Hinesh Patel, portfolio manager at Quilter Investors, said: “Given this GDP reading covers April and doesn’t quite take into account all of the lockdown easing we have seen to date, the government will be pleased with the direction the economy is heading. Consumers are clearly making up for lost time and the government will be hoping they continue to spend the lockdown savings many have been fortunate to accumulate.

“Real-time data, such as restaurant and holiday bookings, also remains robust after the initial surge in April and we are seeing discretionary spending hold up as things look to get back to normal. There is obviously uncertainty about the last step of easing going ahead on time and Sunak will not want any delay to be long lasting. But, given the depths of where we were last year, the economy is clearly returning to health. The removal of social distancing when the time comes will give an additional turbo charge to the economy.

“Much of this optimism though is fairly priced into markets, however, and the Bank of England won’t be able to sit on their hands if the economic recovery strengthens further.

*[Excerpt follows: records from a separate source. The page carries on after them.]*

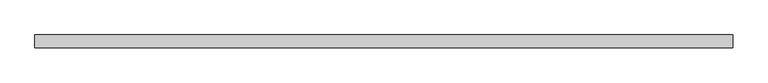
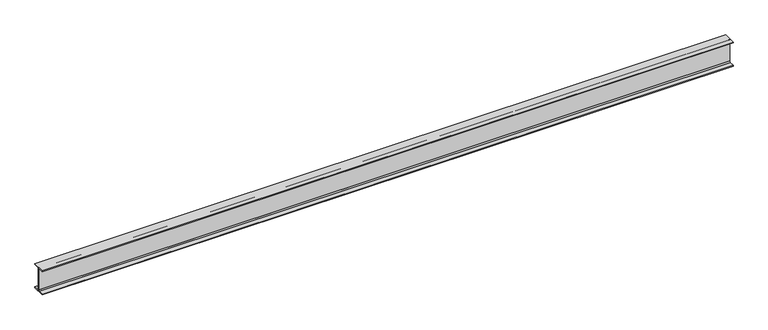
"""IFC4 building model written with IfcOpenShell, lengths in millimetres: beam geometry, 0912_Steel Framing_H-KSD3502 : H_SB_ASB_H-350x175x7x11."""

import ifcopenshell
import ifcopenshell.guid

model = None  # the IFC model being written
_history = None  # IfcOwnerHistory: only IFC2X3 demands one
_inside = {}  # id of a spatial element -> (the spatial element, [elements in it])
_under = {}  # id of a project, library or spatial element -> (it, [spatial elements below it])
_declared = {}  # id of a project -> (the project, [libraries it declares])
_typed = {}  # id of a type object -> (the type object, [elements of that type])
_made_of = {}  # id of a material, layer set ... -> (it, [elements and type objects made of it])


def new_model(schema):
    """Start an empty IFC model of exactly this schema.

    Asked for "IFC4X3", IfcOpenShell would pick the latest addendum, in which some entities
    have other attributes; the version numbers below select the first issue.
    IFC2X3 requires an IfcOwnerHistory on every rooted entity: one is made here for all.
    """
    global model, _history
    if schema == "IFC4X3":
        model = ifcopenshell.file(schema_version=(4, 3, 0, 0))
    else:
        model = ifcopenshell.file(schema=schema)
    _inside.clear()
    _under.clear()
    _declared.clear()
    _typed.clear()
    _made_of.clear()
    _history = None
    if model.schema == "IFC2X3":
        org = make("IfcOrganization", Name="unknown")
        user = make(
            "IfcPersonAndOrganization",
            ThePerson=make("IfcPerson", FamilyName="unknown"),
            TheOrganization=org,
        )
        app = make(
            "IfcApplication",
            ApplicationDeveloper=org,
            Version="unknown",
            ApplicationFullName="unknown",
            ApplicationIdentifier="unknown",
        )
        _history = make(
            "IfcOwnerHistory",
            OwningUser=user,
            OwningApplication=app,
            ChangeAction="ADDED",
            CreationDate=0,
        )
    return model


def make(cls, **values):
    """One entity of the class cls with the attributes given. An attribute that is None is left unset."""
    return model.create_entity(
        cls, **{name: value for name, value in values.items() if value is not None}
    )


def rooted(cls, **values):
    """An entity with a GlobalId (a new one), such as an element, a storey or a relation."""
    return make(cls, GlobalId=ifcopenshell.guid.new(), OwnerHistory=_history, **values)


def si_unit(unit_type, name, prefix=None):
    """IfcSIUnit, for example si_unit("LENGTHUNIT", "METRE", prefix="MILLI")."""
    return make("IfcSIUnit", UnitType=unit_type, Prefix=prefix, Name=name)


def assignment(units):
    """IfcUnitAssignment: the units of a project."""
    return None if units is None else make("IfcUnitAssignment", Units=units)


def point(xyz):
    """IfcCartesianPoint."""
    return None if xyz is None else make("IfcCartesianPoint", Coordinates=xyz)


def direction(xyz):
    """IfcDirection."""
    return None if xyz is None else make("IfcDirection", DirectionRatios=xyz)


def frame(location, z_axis=None, x_axis=None):
    """IfcAxis2Placement3D, a coordinate frame: its origin and axes. An axis left out is left unset."""
    return make(
        "IfcAxis2Placement3D",
        Location=point(location),
        Axis=direction(z_axis),
        RefDirection=direction(x_axis),
    )


def frame_2d(location, x_axis=None):
    """IfcAxis2Placement2D, a coordinate frame in the plane: its origin and x axis."""
    return make(
        "IfcAxis2Placement2D", Location=point(location), RefDirection=direction(x_axis)
    )


def origin():
    """The frame at (0, 0, 0) with its axes left unset."""
    return frame((0.0, 0.0, 0.0))


def place(relative_to, where):
    """IfcLocalPlacement: puts the frame where relative to a parent placement (None: the world)."""
    return make(
        "IfcLocalPlacement", PlacementRelTo=relative_to, RelativePlacement=where
    )


def context(
    kind, dimensions, precision=None, world=None, true_north=None, identifier=None
):
    """IfcGeometricRepresentationContext, for example the 3D "Model" context."""
    return make(
        "IfcGeometricRepresentationContext",
        ContextIdentifier=identifier,
        ContextType=kind,
        CoordinateSpaceDimension=dimensions,
        Precision=precision,
        WorldCoordinateSystem=world,
        TrueNorth=true_north,
    )


def project(units=None, contexts=None):
    """IfcProject with its units and contexts."""
    return rooted(
        "IfcProject",
        Name="project",
        RepresentationContexts=contexts,
        UnitsInContext=assignment(units),
    )


def spatial(cls, under=None, at=None, **own):
    """A site, building, storey or space (cls), placed at a placement, below another one or the project."""
    s = rooted(cls, ObjectPlacement=at, **own)
    if under is not None:
        _under.setdefault(under.id(), (under, []))[1].append(s)
    return s


def polyline(points):
    """IfcPolyline through the points."""
    return make("IfcPolyline", Points=[point(p) for p in points])


def circle_curve(where, radius):
    """IfcCircle in the frame where."""
    return make("IfcCircle", Position=where, Radius=radius)


def trimmed(basis, trim1, trim2, sense, master):
    """IfcTrimmedCurve: the piece of a basis curve between two trims."""
    return make(
        "IfcTrimmedCurve",
        BasisCurve=basis,
        Trim1=trim1,
        Trim2=trim2,
        SenseAgreement=sense,
        MasterRepresentation=master,
    )


def segment(curve, same_sense, transition):
    """IfcCompositeCurveSegment."""
    return make(
        "IfcCompositeCurveSegment",
        Transition=transition,
        SameSense=same_sense,
        ParentCurve=curve,
    )


def composite_curve(segments, self_intersect=None):
    """IfcCompositeCurve: segments joined end to end."""
    return make("IfcCompositeCurve", Segments=segments, SelfIntersect=self_intersect)


def outline(outer, holes=None, kind="AREA"):
    """IfcArbitraryClosedProfileDef: a profile drawn as a closed curve; with holes, ...WithVoids."""
    if holes is None:
        return make("IfcArbitraryClosedProfileDef", ProfileType=kind, OuterCurve=outer)
    return make(
        "IfcArbitraryProfileDefWithVoids",
        ProfileType=kind,
        OuterCurve=outer,
        InnerCurves=holes,
    )


def extrude(swept, where, along, depth):
    """IfcExtrudedAreaSolid: the profile swept, set in the frame where, extruded along a direction by depth."""
    return make(
        "IfcExtrudedAreaSolid",
        SweptArea=swept,
        Position=where,
        ExtrudedDirection=direction(along),
        Depth=depth,
    )


def shape(context_of_items, identifier, shape_type, items):
    """IfcShapeRepresentation: the items that make up one representation, for example the "Body"."""
    return make(
        "IfcShapeRepresentation",
        ContextOfItems=context_of_items,
        RepresentationIdentifier=identifier,
        RepresentationType=shape_type,
        Items=items,
    )


def source(mapping_origin, context_of_items, identifier, shape_type, items):
    """IfcRepresentationMap: a shape defined once, which mapped items show again and again."""
    return make(
        "IfcRepresentationMap",
        MappingOrigin=mapping_origin,
        MappedRepresentation=shape(context_of_items, identifier, shape_type, items),
    )


def transform(
    local_origin,
    x_axis=None,
    y_axis=None,
    z_axis=None,
    scale=None,
    scale2=None,
    scale3=None,
    uniform=True,
):
    """IfcCartesianTransformationOperator3D, or its non-uniform kind. x_axis, y_axis, z_axis: its Axis1, 2, 3."""
    if uniform:
        return make(
            "IfcCartesianTransformationOperator3D",
            Axis1=direction(x_axis),
            Axis2=direction(y_axis),
            LocalOrigin=point(local_origin),
            Scale=scale,
            Axis3=direction(z_axis),
        )
    return make(
        "IfcCartesianTransformationOperator3DnonUniform",
        Axis1=direction(x_axis),
        Axis2=direction(y_axis),
        LocalOrigin=point(local_origin),
        Scale=scale,
        Axis3=direction(z_axis),
        Scale2=scale2,
        Scale3=scale3,
    )


def mapped(mapping_source, mapping_target):
    """IfcMappedItem: shows the shape of a source again, moved by a transform."""
    return make(
        "IfcMappedItem", MappingSource=mapping_source, MappingTarget=mapping_target
    )


def made_of(thing, what):
    """Note that an element or type object is made of a material, layer set ...; save() writes the relation."""
    if what is not None:
        _made_of.setdefault(what.id(), (what, []))[1].append(thing)
    return thing


def element(
    cls,
    number,
    at=None,
    inside=None,
    cuts=None,
    type_object=None,
    material=None,
    context=None,
    identifier="Body",
    shape_type=None,
    held_by="IfcProductDefinitionShape",
    body=None,
    shapes=None,
    **own,
):
    """One element of the class cls, such as IfcWall. Its Tag is "e" and its number.

    at: its placement. inside: the storey or other place that contains it. cuts: it is an
    opening in that element (IfcRelVoidsElement). A single representation is given by context,
    identifier, shape_type and body (its items); several are given by shapes. held_by: the class
    of the entity that holds the representations. save() writes the other relations.
    """
    e = rooted(cls, Tag="e%d" % number, ObjectPlacement=at, **own)
    if body is not None:
        shapes = [shape(context, identifier, shape_type, body)]
    if shapes is not None:
        e.Representation = make(held_by, Representations=shapes)
    if inside is not None:
        _inside.setdefault(inside.id(), (inside, []))[1].append(e)
    if cuts is not None:
        rooted(
            "IfcRelVoidsElement", RelatingBuildingElement=cuts, RelatedOpeningElement=e
        )
    if type_object is not None:
        _typed.setdefault(type_object.id(), (type_object, []))[1].append(e)
    return made_of(e, material)


def aggregate(whole, parts):
    """IfcRelAggregates: a whole, such as a stair, and the parts it consists of."""
    return rooted("IfcRelAggregates", RelatingObject=whole, RelatedObjects=parts)


def save(model, path):
    """Write the relations noted so far, then the file.

    IfcRelAggregates (storeys below a building ...), IfcRelContainedInSpatialStructure (elements
    in a storey), IfcRelDefinesByType, IfcRelAssociatesMaterial and IfcRelDeclares: one each for
    every whole, place, type object, material and project.
    """
    for whole, parts in _under.values():
        aggregate(whole, parts)
    for where, things in _inside.values():
        rooted(
            "IfcRelContainedInSpatialStructure",
            RelatedElements=things,
            RelatingStructure=where,
        )
    for kind, things in _typed.values():
        rooted("IfcRelDefinesByType", RelatedObjects=things, RelatingType=kind)
    for what, things in _made_of.values():
        rooted("IfcRelAssociatesMaterial", RelatedObjects=things, RelatingMaterial=what)
    for by, libraries in _declared.values():
        rooted("IfcRelDeclares", RelatingContext=by, RelatedDefinitions=libraries)
    model.write(path)


def beam_f28858a7(model_context):
    return source(origin(), model_context, "Body", "SweptSolid", [
        extrude(outline(composite_curve([segment(polyline([(87.5, -164.0), (87.5, -175.0), (-87.5, -175.0), (-87.5, -164.0), (-17.5, -164.0)]), True, "CONTINUOUS"), segment(trimmed(circle_curve(frame_2d((-17.5, -150.0)), 14.0), [point((-17.5, -164.0))], [point((-3.5, -150.0))], True, "CARTESIAN"), True, "CONTINUOUS"), segment(polyline([(-3.5, -150.0), (-3.5, 150.0)]), True, "CONTINUOUS"), segment(trimmed(circle_curve(frame_2d((-17.5, 150.0)), 14.0), [point((-3.5, 150.0))], [point((-17.5, 164.0))], True, "CARTESIAN"), True, "CONTINUOUS"), segment(polyline([(-17.5, 164.0), (-87.5, 164.0), (-87.5, 175.0), (87.5, 175.0), (87.5, 164.0), (17.5, 164.0)]), True, "CONTINUOUS"), segment(trimmed(circle_curve(frame_2d((17.5, 150.0)), 14.0), [point((17.5, 164.0))], [point((3.5, 150.0))], True, "CARTESIAN"), True, "CONTINUOUS"), segment(polyline([(3.5, 150.0), (3.5, -150.0)]), True, "CONTINUOUS"), segment(trimmed(circle_curve(frame_2d((17.5, -150.0)), 14.0), [point((3.5, -150.0))], [point((17.5, -164.0))], True, "CARTESIAN"), True, "CONTINUOUS"), segment(polyline([(17.5, -164.0), (87.5, -164.0)]), True, "CONTINUOUS")], self_intersect=False)), frame((-4664.4729123, 0.0, 0.0), z_axis=(1.0, 0.0, 0.0), x_axis=(0.0, 1.0, 0.0)), (0.0, 0.0, 1.0), 9526.7729123),
    ])


if __name__ == "__main__":
    model = new_model("IFC4")
    model_context = context("Model", 3, world=origin())
    ifc_project = project(units=[si_unit("LENGTHUNIT", "METRE", prefix="MILLI")], contexts=[model_context])
    site = spatial("IfcSite", under=ifc_project)
    building = spatial("IfcBuilding", under=site)
    placement = place(None, origin())
    beam_shape = beam_f28858a7(model_context)
    element("IfcBeam", 1, ObjectType="0912_Steel Framing_H-KSD3502 : H_SB_ASB_H-350x175x7x11", at=placement, inside=building, context=model_context, shape_type="MappedRepresentation", body=[
        mapped(beam_shape, transform((0.0, 0.0, 0.0), x_axis=(1.0, 0.0, 0.0), y_axis=(0.0, 1.0, 0.0), z_axis=(0.0, 0.0, 1.0))),
    ])
    save(model, "model.ifc")

# Revit data of these elements
# Type "0912_Steel Framing_H-KSD3502 : H_SB_ASB_H-350x175x7x11"
#   H_WM Code_1 = "S01AA002-00001 | Main Steel Structure Fabrication Work | Shelter/Building | Medium Steel - Standard (90KG/M>Weight≥30KG/M) | Material: (   )"
#   H_WM Code_2 = "S03AA028-00001 | Main Steel Structure Erection Work | Shelter/Building | Medium Steel (90KG/M>Weight≥30KG/M) | Material: (   )"
#   H_WM Code_3 = "S01AA010-00001 | Main Steel Structure Fabrication Work | Shelter/Building | Steel Painting/Coating | for Non-Fireproofed Steel Surface, Surface Preparation, Primer, Second & Final Coat | Material: (   )"
#   H_Q'ty Cal Type Tag = "SB-Q2"
#   Width = 17.5 cm
#   Web Thickness = 0.7 cm
#   Web Fillet = 1.4 cm
#   Warping Constant = 282000.0 cm⁶
#   W = 0
#   Torsional Moment of Inertia = 19.4042 cm⁴
#   Section Area = 63.14 cm²
#   Plastic Modulus weak axis = 174.0 cm³
#   Plastic Modulus strong axis = 868.0 cm³
#   Perimeter = 1.36 m²/m
#   Nominal Weight = 49.60 kgf/m
#   Moment of Inertia weak axis = 984.00 cm⁴
#   Moment of Inertia strong axis = 13600.00 cm⁴
#   Height = 35.0 cm
#   Flange Thickness = 1.1 cm
#   Elastic Modulus weak axis = 112.0 cm³
#   Elastic Modulus strong axis = 775.0 cm³
#   Centroid Vertical = 17.5 cm
#   Centroid Horizontal = 8.75 cm
#   Ix = 136000000
#   Length [instance default] = 1.5240 m
#   Zx = 868000
#   b = 0.1750 m
#   h = 0.3500 m
#   r = 0.0140 m
#   s = 0.0070 m
#   t = 0.0110 m
#   A = 0.006314 m²
#   Structural Material [instance default] = Steel, 45-345
#   Assembly Code = ""
# Element 1 (IfcBeam, "0912_Steel Framing_H-KSD3502 : H_SB_ASB_H-350x175x7x11")
#   Structural Material = none
# Materials
#   "Steel, 45-345": class "Metal", colour RGB 189 187 185, transparency 0, Description = "Steel 345 MPa", Cost = 0
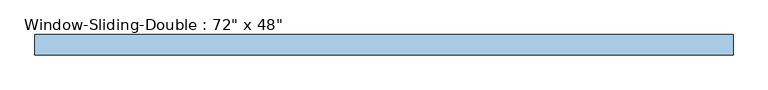
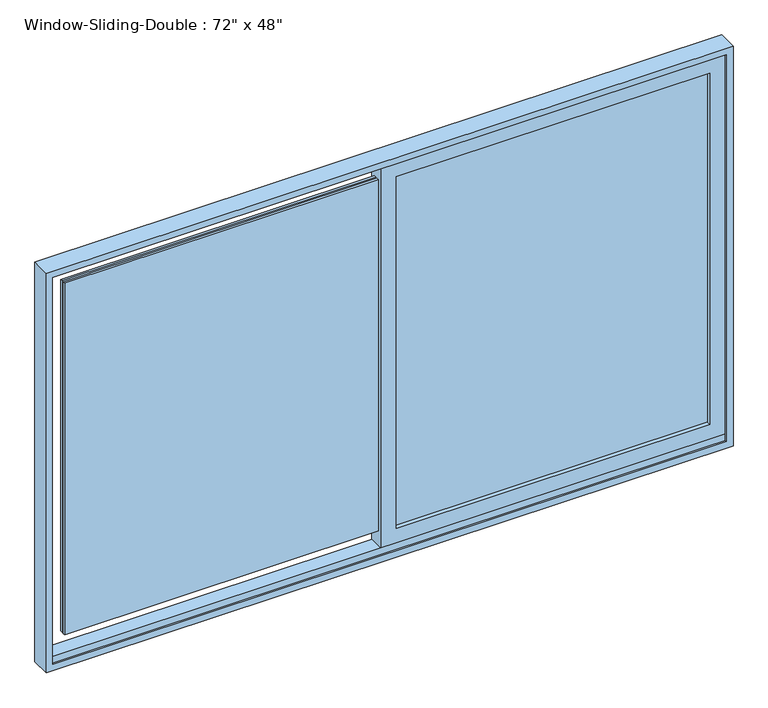
"""IFC4 building model written with IfcOpenShell, lengths in millimetres: window geometry."""

from ifc_helpers import new_model, si_unit, frame, origin, place, context, project, spatial, polyline, outline, extrude, faceted_brep, source, transform, mapped, element, save


def window_3387cd60(model_context):
    return source(origin(), model_context, "Body", "SolidModel", [
        faceted_brep([(-990.6, -10.16, 914.4), (-990.6, 46.99, 914.4), (990.6, 46.99, 914.4), (990.6, -10.16, 914.4), (-949.6778905, 46.99, 2092.6778905), (-949.6778905, 40.64, 2092.6778905), (-949.6778905, 40.64, 952.5), (-949.6778905, 40.64, 933.45), (-949.6778905, 46.99, 933.45), (949.6778905, 40.64, 2092.6778905), (949.6778905, 40.64, 952.5), (971.55, 40.64, 952.5), (971.55, 40.64, 2114.55), (-971.55, 40.64, 2114.55), (-971.55, 40.64, 952.5), (-971.55, -10.16, 2114.55), (-971.55, -10.16, 933.45), (-971.55, -3.81, 933.45), (-971.55, -3.81, 952.5), (990.6, -10.16, 2133.6), (-990.6, -10.16, 2133.6), (971.55, -10.16, 2114.55), (971.55, -10.16, 933.45), (-990.6, 46.99, 2133.6), (990.6, 46.99, 2133.6), (949.6778905, 46.99, 933.45), (949.6778905, 46.99, 2092.6778905), (949.6778905, 40.64, 933.45), (971.55, -3.81, 952.5), (971.55, -3.81, 933.45)], [[[0, 1, 2, 3]], [[4, 5, 6, 7, 8]], [[5, 9, 10, 11, 12, 13, 14, 6]], [[13, 15, 16, 17, 18, 14]], [[0, 3, 19, 20], [21, 22, 16, 15]], [[23, 1, 0, 20]], [[2, 1, 23, 24], [4, 8, 25, 26]], [[5, 4, 26, 9]], [[13, 12, 21, 15]], [[20, 19, 24, 23]], [[9, 26, 25, 27, 10]], [[21, 12, 11, 28, 29, 22]], [[19, 3, 2, 24]], [[7, 27, 25, 8]], [[27, 7, 6, 10]], [[10, 6, 14, 18, 28, 11]], [[28, 18, 17, 29]], [[16, 22, 29, 17]]]),
        extrude(outline(polyline([(927.1, 27.94), (927.1, 21.59), (22.225, 21.59), (22.225, 27.94), (927.1, 27.94)])), frame((0.0, 0.0, 996.95), z_axis=(0.0, 0.0, 1.0), x_axis=(1.0, 0.0, 0.0)), (0.0, 0.0, 1.0), 1073.15),
        extrude(outline(polyline([(927.1, 15.24), (927.1, 8.89), (22.225, 8.89), (22.225, 15.24), (927.1, 15.24)])), frame((0.0, 0.0, 996.95), z_axis=(0.0, 0.0, 1.0), x_axis=(1.0, 0.0, 0.0)), (0.0, 0.0, 1.0), 1073.15),
        extrude(outline(polyline([(-22.225, 27.94), (-22.225, 21.59), (-927.1, 21.59), (-927.1, 27.94), (-22.225, 27.94)])), frame((0.0, 0.0, 996.95), z_axis=(0.0, 0.0, 1.0), x_axis=(1.0, 0.0, 0.0)), (0.0, 0.0, 1.0), 1073.15),
        extrude(outline(polyline([(-22.225, 15.24), (-22.225, 8.89), (-927.1, 8.89), (-927.1, 15.24), (-22.225, 15.24)])), frame((0.0, 0.0, 996.95), z_axis=(0.0, 0.0, 1.0), x_axis=(1.0, 0.0, 0.0)), (0.0, 0.0, 1.0), 1073.15),
        extrude(outline(polyline([(952.5, 971.55), (2114.55, 971.55), (2114.55, -22.225), (952.5, -22.225), (952.5, 971.55)]), holes=[polyline([(996.95, 22.225), (2070.1, 22.225), (2070.1, 927.1), (996.95, 927.1), (996.95, 22.225)])]), frame((0.0, -3.81, 0.0), z_axis=(0.0, 1.0, 0.0), x_axis=(0.0, 0.0, 1.0)), (0.0, 0.0, 1.0), 44.45),
    ])


if __name__ == "__main__":
    model = new_model("IFC4")
    model_context = context("Model", 3, world=origin())
    ifc_project = project(units=[si_unit("LENGTHUNIT", "METRE", prefix="MILLI")], contexts=[model_context])
    site = spatial("IfcSite", under=ifc_project)
    building = spatial("IfcBuilding", under=site)
    placement = place(None, origin())
    window_shape = window_3387cd60(model_context)
    element("IfcWindow", 1, ObjectType="Window-Sliding-Double : 72\" x 48\"", at=placement, inside=building, context=model_context, shape_type="MappedRepresentation", body=[
        mapped(window_shape, transform((0.0, 0.0, 0.0), x_axis=(1.0, 0.0, 0.0), y_axis=(0.0, 1.0, 0.0), z_axis=(0.0, 0.0, 1.0))),
    ])
    save(model, "model.ifc")

# Revit data of these elements
# Type "Window-Sliding-Double : 72\" x 48\""
#   Type Mark = "23"
#   Fire Rating = "0.5h"
#   Assembly Code = "B2020100"
#   Analytic Construction = "Double glazing - domestic"
#   Window Inset [instance default] = 0' - 0"
#   Wall Thickness [instance default] = 0' - 6"
#   Visual Light Transmittance = 0.81
#   Thermal Resistance (R) = 1.8146 (h·ft²·°F)/BTU
#   Solar Heat Gain Coefficient = 0.76
#   Muntin Width = 2' - 11 5/8"
#   Muntin Height = 3' - 6 1/4"
#   Interior Wall Closure [instance default] = 0' - 2 3/4"
#   Heat Transfer Coefficient (U) = 0.5511 BTU/(h·ft²·°F)
#   Frame Extension [instance default] = 0' - 0 1/4"
#   Exterior Wall Closure [instance default] = 0' - 1 1/4"
#   Rough Width = 6' - 6 1/2"
#   Rough Height = 4' - 0 1/2"
#   Height = 4' - 0"
#   Extension Jamb [instance default] = 0' - 2 3/4"
#   Default Sill Height = 3' - 0"
#   Width = 6' - 6"
#   Interior Trim Visibility [instance default] = yes
#   Indicator Visibility [instance default] = yes
#   Exterior Trim Visibility [instance default] = yes
#   Muntin Visibility = yes
#   Extension Jamb Visibility [instance default] = yes
#   Muntin Pattern = Muntin Pattern_2x2 : Muntin Pattern_2x2
#   Interior Trim Material = Wood - Stained
#   Interior Trim = Trim-Window-Interior-Flat : Picture Frame
#   Interior Frame Material = Wood - Stained
#   Glass Panel Material = Glass
#   Exterior Trim Material = Clad - White
#   Exterior Trim = Trim-Window-Exterior-Flat : with Sill
#   Exterior Frame Material = Clad - White
#   Wall Closure = (empty or 0)
# Element 1 (IfcWindow, "Window-Sliding-Double : 72\" x 48\"")
#   Wall Thickness = 0' - 2 1/2"
#   Extension Jamb = 0' - 1"
#   Extension Jamb Visibility = no
#   Materials on its faces: "Glass", "Wood - Stained", "Clad - White"
# Materials
#   "Wood - Stained": class "Wood", colour RGB 224 178 126, transparency 0, Cost = 0
#   "Glass": class "Glass", colour RGB 0 128 192, transparency 0.75, Description = "Soda Lime Glass", Cost = 0
#   "Clad - White": class "Wood", colour RGB 242 242 238, transparency 0, Cost = 0

With inflation concerns persisting, although slightly overblown in our opinion, Bailey and co may need to act sooner than they may wish.

“That said, the economy will never return to how it was before. It has gone through structural changes never seen before on this scale and as such will still need to be nursed along as it returns to sustainable growth. But the point will come where the spending taps will need to be switched off the economy stand on its own two feet again. When this is remains to be seen but for now the sun is shining and the roof is being fixed.”

Jesús Cabra Guisasola, Associate at Validus Risk Management, added: “The UK economy grew 2.3% in April (vs 2.4% estimated), which confirms the British economy is firmly recovering after contracting the most since 1709 last year. There are no doubts that the UK has been one of the countries coming out in a better position from the pandemic after the success of its vaccination program.

“However, there are reasons to be cautious as coronavirus cases continue rising, with the delta variant spreading rapidly. Prime Minister Boris Johnson and his government are now facing the dilemma of moving the country to the final stage of the reopening on the 21st of June. Moreover, the BoE will need to decide when the best moment is to start tightening its monetary policy as some members like Andy Haldane already voted to scale back the stimulus program during the last meeting.

“Nevertheless, there is optimism surrounding sterling in the coming months and any delay on the reopening would have a minimal impact on the recovery. Hence, we could see GBPUSD closer to the 1.45-mark, a level not seen since early 2018.”